I am not completely sure, but the limits of the arduino seem to be our imaginations, and $$$ of course.

I'm thinking that soon someone is going to figure out how to get the arduino ready so they can make a bunch up and sell them like people are selling regulator setups. It seems a board, the necessary resistors, transistors, clock, etc. for a dimmable sunrise/sunset fixture would run about $50 plus a hobby box if you want it nice and neat. Add in $30 bucks labour and you have a quick and dirty controller someone could sell in the SNS. If you are making a few at a time it should be easy to throw together. 

The fixture itself isn't the difficult part to figure out. Choosing LEDs can be tough, but once decided, throw them on a heat sink wired in series and wire your driver... good to go. Of course you can get into parallel runs and all that, but I'm not read up on how that works. Apparently you can somehow control each LED on it's own. I can't figure how that is done unless they are using a channel for every LED.

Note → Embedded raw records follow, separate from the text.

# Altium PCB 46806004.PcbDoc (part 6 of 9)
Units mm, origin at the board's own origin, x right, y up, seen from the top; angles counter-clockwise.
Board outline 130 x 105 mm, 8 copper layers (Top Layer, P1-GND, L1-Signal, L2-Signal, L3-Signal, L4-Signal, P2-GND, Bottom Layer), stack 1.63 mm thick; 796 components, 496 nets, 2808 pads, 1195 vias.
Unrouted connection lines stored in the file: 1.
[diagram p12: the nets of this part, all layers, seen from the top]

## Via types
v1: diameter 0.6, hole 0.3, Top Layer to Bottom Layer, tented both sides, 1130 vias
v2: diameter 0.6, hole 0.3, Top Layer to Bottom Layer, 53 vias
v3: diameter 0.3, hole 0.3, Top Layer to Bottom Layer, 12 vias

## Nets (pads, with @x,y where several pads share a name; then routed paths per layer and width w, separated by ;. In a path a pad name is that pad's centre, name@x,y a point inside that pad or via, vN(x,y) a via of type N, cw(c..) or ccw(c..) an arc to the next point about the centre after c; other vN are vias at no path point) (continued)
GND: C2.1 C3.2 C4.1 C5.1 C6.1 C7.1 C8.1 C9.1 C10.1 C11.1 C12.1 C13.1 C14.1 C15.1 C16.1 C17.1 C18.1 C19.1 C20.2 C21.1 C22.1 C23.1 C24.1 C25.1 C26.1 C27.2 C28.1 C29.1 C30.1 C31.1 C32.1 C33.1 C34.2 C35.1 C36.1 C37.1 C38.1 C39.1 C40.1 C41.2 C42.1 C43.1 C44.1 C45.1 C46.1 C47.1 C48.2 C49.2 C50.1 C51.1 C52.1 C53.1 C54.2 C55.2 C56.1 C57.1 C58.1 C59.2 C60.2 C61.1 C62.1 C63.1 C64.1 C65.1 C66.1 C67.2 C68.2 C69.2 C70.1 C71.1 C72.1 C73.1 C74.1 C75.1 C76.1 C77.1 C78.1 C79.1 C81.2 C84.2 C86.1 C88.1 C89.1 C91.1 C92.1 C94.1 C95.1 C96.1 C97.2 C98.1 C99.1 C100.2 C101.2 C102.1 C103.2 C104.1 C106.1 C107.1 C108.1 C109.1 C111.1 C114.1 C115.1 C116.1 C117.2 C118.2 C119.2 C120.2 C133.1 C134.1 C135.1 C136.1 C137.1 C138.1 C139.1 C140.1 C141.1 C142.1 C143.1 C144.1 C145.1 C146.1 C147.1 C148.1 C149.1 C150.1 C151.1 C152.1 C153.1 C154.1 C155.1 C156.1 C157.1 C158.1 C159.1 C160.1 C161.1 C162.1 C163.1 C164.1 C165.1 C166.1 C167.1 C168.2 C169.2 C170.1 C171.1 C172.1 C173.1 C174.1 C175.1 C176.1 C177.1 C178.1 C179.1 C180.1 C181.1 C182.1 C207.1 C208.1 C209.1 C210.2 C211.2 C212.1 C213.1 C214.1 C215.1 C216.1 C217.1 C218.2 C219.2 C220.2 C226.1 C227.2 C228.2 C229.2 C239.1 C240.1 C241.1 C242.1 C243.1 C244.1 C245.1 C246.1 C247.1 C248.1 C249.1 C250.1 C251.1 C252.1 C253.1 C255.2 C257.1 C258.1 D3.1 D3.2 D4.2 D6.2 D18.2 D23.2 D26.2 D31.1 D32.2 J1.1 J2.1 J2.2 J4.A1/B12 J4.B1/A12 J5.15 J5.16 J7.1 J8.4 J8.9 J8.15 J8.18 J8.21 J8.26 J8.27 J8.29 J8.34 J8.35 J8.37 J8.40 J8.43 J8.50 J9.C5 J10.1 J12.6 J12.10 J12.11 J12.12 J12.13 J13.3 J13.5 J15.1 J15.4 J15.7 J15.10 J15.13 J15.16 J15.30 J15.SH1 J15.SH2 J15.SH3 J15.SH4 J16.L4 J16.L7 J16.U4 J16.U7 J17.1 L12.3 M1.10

The really hard part is figuring out the part list and schematic for the controller itself. My first link at the top seems to have that covered. Those who know how to code can write up programs and give (or sell) the code to us who have no clue like anything else. Want moon cycles? Program for that. Thunder showers? Program for that.

It would seem most of use are using dimmable drivers with manual control because the reefkeeper and ALC is a touch too expensive. But if we already have the drivers running our LED strings, you can upgrade whenever you have an extra $100. As new upgrades become understood and commonplace you can upgrade without needing a new fixture.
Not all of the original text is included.